Afinal, rodar com eletricidade é mais barato e a manutenção dos carros elétricos é bem mais simples e menos frequente.

Um dos obstáculos à disseminação dos elétricos, porém, está no custo de compra dos carros, uma vez que, além de trazerem tecnologias ainda relativamente novas, os elétricos usam componentes que dependem de materiais raros e, portanto, caros.

Neste momento, fabricantes e universidades de todo o mundo investem milhões de dólares e horas de estudos pesquisando novos materiais que custem menos e sejam tão eficientes quanto os usados até agora.

Aqui reunimos três iniciativas que estão em andamento. A primeira é da japonesa Toyota, que está desenvolvendo ímãs que usam metais alternativos que possam substituir os raros em sua produção.

Outra é da Universidade de Córdoba, na Espanha, que construiu uma bateria de grafeno, mais barata e eficiente que as atuais, de lítio.

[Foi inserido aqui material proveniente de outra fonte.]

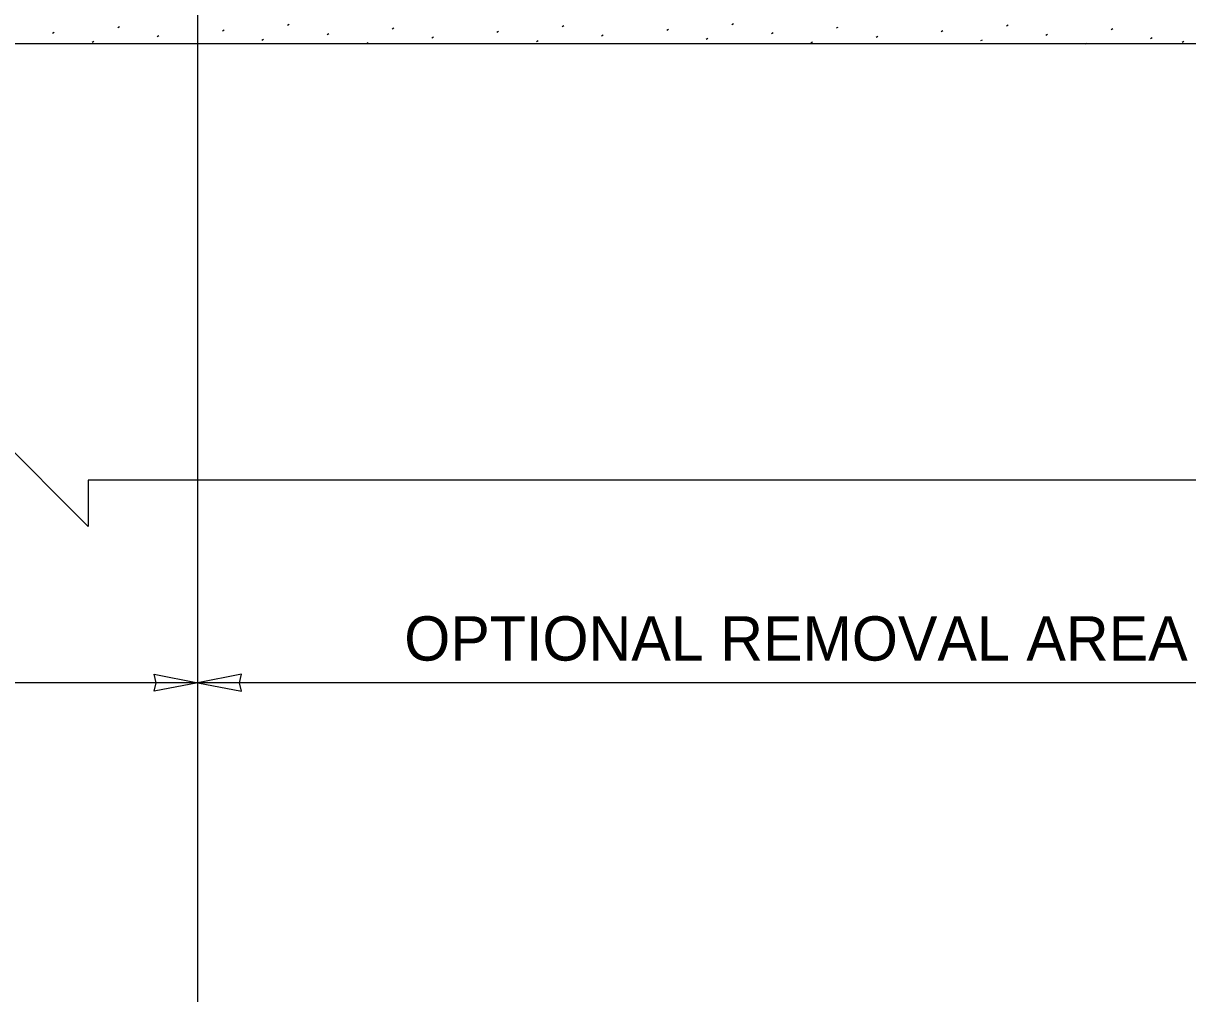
# Model space of a CAD drawing. Extents: x 99862 to 104211, y 98939 to 105076.
# Drawn here: x 101994.4 to 102415, y 104381.5 to 104731.9 of the extents above; entities that cross this region are included whole.
import ezdxf

# ---------------------------------------------------------------- set-up
doc = ezdxf.new("R2010")
doc.units = 0
for name, color, linetype in [('Level 1', 7, 'Continuous'), ('Level 15', 7, 'Continuous'), ('Level 20', 7, 'Continuous'), ('Level 3', 7, 'Continuous')]:
    doc.layers.add(name, color=color, linetype=linetype)

msp = doc.modelspace()

# ---------------------------------------------------------------- linework, layer by layer
at = {"layer": 'Level 1'}
msp.add_line((102495.44, 104724.41), (100264.63, 104724.41), dxfattribs=at)
msp.add_lwpolyline([(102651.95, 104566.9), (102017.87, 104566.9), (102017.87, 104550.19), (101984.46, 104583.6), (101984.46, 104566.9), (101386.54, 104566.9)], dxfattribs=at)
at = {"layer": 'Level 15'}
for p, q in [((102057.49, 104724.41), (102057.47, 104882.79)), ((102057.49, 104263.53), (102057.49, 104724.41)), ((102057.49, 104493.74), (100698.76, 104493.74)), ((102495.51, 104493.74), (102057.49, 104493.74))]:
    msp.add_line(p, q, dxfattribs=at)
for points in [[(102057.49, 104493.74), (102041.76, 104490.66), (102042.49, 104493.74), (102041.76, 104496.83)], [(102057.49, 104493.74), (102073.21, 104490.66), (102072.48, 104493.74), (102073.21, 104496.83)]]:
    msp.add_lwpolyline(points, close=True, dxfattribs=at)
at = {"layer": 'Level 3'}
for p, q in [((102005.04, 104728.34), (102005.65, 104728.69)), ((102028.58, 104730.39), (102029.18, 104730.74)), ((102066.38, 104729.12), (102066.98, 104729.47)), ((102089.91, 104731.16), (102090.52, 104731.51)), ((102127.72, 104729.89), (102128.32, 104730.24)), ((102165.52, 104728.62), (102166.13, 104728.97)), ((102189.06, 104730.66), (102189.66, 104731.01)), ((102226.86, 104729.39), (102227.46, 104729.74)), ((102250.39, 104731.44), (102251, 104731.79)), ((102264.66, 104728.13), (102265.27, 104728.48)), ((102288.2, 104730.17), (102288.8, 104730.52)), ((102326, 104728.9), (102326.61, 104729.25)), ((102349.54, 104730.94), (102350.14, 104731.29)), ((102387.34, 104729.67), (102387.94, 104730.02)), ((102019.31, 104725.03), (102019.91, 104725.38)), ((102042.84, 104727.08), (102043.45, 104727.43)), ((102080.65, 104725.81), (102081.25, 104726.16)), ((102104.18, 104727.85), (102104.79, 104728.2)), ((102118.45, 104724.54), (102119.06, 104724.89)), ((102141.98, 104726.58), (102142.59, 104726.93)), ((102179.79, 104725.31), (102180.39, 104725.66)), ((102203.32, 104727.35), (102203.93, 104727.7)), ((102241.13, 104726.08), (102241.73, 104726.43)), ((102278.93, 104724.82), (102279.54, 104725.17)), ((102302.46, 104726.86), (102303.07, 104727.21)), ((102340.27, 104725.59), (102340.87, 104725.94)), ((102363.8, 104727.63), (102364.41, 104727.98)), ((102378.23, 104724.41), (102378.68, 104724.67)), ((102401.61, 104726.36), (102402.21, 104726.71)), ((102413, 104725.09), (102413.61, 104725.44))]:
    msp.add_line(p, q, dxfattribs=at)

# ---------------------------------------------------------------- texts
at = {"layer": 'Level 20'}
msp.add_text('OPTIONAL REMOVAL AREA', height=16, dxfattribs=at).set_placement((102132.04, 104501.74))

doc.saveas('drawing.dxf')

E a terceira é da norte-americana Universidade da Califórnia Riverside, que troca a cara platina empregada nas células de combustível pelo módico cobalto. Veja mais detalhes ao lado.

 (Otavio Silveira/Quatro Rodas)

O foco da pesquisa da Universidade da Califórnia são as células de combustível, que ainda são muito caras na comparação com outras tecnologias de propulsão elétrica.

Só para ter uma ideia da diferença de valores, nos Estados Unidos, enquanto um modelo elétrico puro como o Tesla Modelo 3 custa US$ 35.000, um elétrico fuel-cell, como o Toyota Mirai, sai por US$ 57.500.

Os norte-americanos desenvolveram uma tecnologia que barateia substancialmente o custo das células ao substituir a platina usada no catalisador por cobalto, material que custa cerca de 100 vezes menos.

A platina tem sido aplicada nos catalisadores das células, mas, além de rara e cara, ela tem outro problema que é a perda de suas propriedades com o passar do tempo.

Ao contrário do cobalto, que é abundante e degrada mais lentamente.

A troca da platina pelo cobalto não foi uma operação de simples substituição, porém.

O catalisador dos americanos é feito de nanofibras de carbono, nas quais o cobalto fica depositado, e sua produção requer um processo sofisticado para que se consiga uma membrana com a mesma eficiência da platina.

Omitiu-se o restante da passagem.